▸ Data shown:

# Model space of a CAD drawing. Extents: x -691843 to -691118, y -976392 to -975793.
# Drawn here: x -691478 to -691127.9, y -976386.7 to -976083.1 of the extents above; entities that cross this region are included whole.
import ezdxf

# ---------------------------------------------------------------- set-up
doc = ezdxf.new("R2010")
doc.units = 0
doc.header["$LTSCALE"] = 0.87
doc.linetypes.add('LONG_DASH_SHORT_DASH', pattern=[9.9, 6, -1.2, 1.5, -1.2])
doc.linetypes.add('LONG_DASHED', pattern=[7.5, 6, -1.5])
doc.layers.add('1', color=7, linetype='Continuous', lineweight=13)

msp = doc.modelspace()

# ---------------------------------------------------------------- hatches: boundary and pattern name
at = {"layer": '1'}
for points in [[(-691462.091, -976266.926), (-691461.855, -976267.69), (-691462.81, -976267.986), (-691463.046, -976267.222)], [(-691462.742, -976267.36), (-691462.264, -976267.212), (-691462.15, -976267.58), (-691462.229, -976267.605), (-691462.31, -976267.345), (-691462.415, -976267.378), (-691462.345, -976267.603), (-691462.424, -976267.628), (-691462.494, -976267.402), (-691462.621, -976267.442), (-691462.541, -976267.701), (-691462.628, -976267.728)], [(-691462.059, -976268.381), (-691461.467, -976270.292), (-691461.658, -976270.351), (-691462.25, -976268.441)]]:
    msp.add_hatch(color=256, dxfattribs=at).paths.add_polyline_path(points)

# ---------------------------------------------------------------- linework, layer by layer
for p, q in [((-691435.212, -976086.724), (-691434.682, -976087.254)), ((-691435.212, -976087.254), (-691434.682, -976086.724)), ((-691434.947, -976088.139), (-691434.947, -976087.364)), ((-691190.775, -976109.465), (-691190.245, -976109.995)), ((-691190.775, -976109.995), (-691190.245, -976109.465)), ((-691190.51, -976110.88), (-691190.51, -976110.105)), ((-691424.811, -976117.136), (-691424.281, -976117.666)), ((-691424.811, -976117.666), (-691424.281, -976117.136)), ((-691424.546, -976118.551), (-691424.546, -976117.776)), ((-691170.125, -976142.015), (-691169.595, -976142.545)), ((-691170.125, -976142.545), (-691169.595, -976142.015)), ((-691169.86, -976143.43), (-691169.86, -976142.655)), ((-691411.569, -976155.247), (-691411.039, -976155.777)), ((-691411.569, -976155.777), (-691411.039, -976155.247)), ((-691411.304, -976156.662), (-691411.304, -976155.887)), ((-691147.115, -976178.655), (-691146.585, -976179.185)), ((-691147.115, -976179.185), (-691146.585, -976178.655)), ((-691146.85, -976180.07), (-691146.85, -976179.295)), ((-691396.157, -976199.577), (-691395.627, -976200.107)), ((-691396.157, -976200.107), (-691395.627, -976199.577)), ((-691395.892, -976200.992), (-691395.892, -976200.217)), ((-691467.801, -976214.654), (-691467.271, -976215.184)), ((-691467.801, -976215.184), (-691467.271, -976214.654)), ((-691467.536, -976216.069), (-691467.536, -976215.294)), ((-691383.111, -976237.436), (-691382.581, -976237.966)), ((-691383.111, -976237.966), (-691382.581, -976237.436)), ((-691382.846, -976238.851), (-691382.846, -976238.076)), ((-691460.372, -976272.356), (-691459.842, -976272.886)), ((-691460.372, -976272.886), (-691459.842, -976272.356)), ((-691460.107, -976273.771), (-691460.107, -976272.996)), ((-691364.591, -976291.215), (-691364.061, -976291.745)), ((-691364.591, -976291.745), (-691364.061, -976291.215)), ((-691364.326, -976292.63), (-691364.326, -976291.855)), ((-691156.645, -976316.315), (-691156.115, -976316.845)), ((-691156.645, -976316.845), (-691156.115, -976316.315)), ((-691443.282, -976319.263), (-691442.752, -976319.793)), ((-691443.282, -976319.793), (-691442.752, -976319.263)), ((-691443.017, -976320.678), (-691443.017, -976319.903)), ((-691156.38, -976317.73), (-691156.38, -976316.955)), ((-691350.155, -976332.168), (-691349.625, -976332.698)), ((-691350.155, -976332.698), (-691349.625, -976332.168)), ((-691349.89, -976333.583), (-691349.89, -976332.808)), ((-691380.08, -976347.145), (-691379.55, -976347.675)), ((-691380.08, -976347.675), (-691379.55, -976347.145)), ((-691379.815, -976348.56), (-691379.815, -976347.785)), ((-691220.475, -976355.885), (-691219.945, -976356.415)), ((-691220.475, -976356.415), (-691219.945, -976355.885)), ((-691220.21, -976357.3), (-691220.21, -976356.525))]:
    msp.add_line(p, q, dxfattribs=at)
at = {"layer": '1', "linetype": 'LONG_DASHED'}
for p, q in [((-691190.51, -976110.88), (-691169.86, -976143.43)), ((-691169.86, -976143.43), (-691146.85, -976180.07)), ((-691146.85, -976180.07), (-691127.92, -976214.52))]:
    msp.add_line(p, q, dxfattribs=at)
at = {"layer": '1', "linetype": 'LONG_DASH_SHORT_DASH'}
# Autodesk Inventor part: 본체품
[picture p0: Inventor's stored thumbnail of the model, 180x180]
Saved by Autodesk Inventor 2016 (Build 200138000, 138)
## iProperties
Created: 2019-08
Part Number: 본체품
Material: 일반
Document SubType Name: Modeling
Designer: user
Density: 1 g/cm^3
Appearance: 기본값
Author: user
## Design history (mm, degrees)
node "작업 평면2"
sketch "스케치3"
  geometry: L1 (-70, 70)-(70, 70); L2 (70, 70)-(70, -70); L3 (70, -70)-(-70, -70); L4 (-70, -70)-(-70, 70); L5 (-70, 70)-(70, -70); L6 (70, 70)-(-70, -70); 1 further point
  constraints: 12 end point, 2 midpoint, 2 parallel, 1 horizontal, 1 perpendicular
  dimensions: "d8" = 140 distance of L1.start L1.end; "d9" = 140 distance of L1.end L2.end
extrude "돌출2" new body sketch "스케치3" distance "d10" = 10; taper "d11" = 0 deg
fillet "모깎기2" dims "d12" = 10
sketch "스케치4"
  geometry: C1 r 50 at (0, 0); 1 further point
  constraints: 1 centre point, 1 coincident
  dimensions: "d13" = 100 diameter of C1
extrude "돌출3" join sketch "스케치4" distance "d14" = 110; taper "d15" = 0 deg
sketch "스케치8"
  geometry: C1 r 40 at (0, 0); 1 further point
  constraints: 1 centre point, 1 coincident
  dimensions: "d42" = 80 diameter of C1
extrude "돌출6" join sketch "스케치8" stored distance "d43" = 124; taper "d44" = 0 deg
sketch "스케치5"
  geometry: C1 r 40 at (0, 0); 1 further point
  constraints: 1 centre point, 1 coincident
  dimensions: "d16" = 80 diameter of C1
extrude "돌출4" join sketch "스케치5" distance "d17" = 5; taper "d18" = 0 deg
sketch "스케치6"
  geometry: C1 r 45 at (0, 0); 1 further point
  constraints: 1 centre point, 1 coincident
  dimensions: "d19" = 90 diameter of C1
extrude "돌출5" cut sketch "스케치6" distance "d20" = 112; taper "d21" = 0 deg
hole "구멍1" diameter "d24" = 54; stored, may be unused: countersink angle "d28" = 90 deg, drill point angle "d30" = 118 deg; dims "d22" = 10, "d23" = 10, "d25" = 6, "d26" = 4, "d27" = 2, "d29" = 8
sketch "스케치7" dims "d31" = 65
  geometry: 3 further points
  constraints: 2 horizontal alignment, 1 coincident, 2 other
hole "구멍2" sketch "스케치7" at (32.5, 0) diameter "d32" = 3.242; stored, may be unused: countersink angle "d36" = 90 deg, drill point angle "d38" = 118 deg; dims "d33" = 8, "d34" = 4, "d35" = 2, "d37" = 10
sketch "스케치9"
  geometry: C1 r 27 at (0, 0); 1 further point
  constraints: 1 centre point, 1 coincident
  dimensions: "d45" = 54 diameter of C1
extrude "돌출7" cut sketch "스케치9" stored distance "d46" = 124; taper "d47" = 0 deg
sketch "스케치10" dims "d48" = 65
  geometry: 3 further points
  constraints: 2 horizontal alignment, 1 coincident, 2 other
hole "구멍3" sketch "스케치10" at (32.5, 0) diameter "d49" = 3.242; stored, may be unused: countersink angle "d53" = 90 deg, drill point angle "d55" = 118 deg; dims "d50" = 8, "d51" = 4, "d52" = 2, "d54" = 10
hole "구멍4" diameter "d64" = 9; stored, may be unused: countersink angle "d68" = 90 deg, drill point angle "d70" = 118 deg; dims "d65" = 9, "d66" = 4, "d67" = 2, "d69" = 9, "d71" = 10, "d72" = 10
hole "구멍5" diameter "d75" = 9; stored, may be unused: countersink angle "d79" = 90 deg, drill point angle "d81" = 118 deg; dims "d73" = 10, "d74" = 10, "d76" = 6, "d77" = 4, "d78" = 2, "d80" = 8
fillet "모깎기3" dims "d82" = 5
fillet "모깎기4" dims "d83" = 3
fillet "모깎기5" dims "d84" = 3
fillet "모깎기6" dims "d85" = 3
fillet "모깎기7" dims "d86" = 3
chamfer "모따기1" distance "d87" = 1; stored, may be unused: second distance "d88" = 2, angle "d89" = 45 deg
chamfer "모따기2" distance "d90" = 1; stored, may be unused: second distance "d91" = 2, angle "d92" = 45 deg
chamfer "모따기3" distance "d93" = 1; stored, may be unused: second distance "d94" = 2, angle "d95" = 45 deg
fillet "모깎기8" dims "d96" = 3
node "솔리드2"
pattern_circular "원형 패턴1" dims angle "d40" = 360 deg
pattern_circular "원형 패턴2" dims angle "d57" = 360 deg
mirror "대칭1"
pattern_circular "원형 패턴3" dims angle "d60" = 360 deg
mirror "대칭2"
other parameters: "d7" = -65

▸ To do:
Only a number is wanted here: how many lines of the material contain the string "join".

▸ Output of the task:
3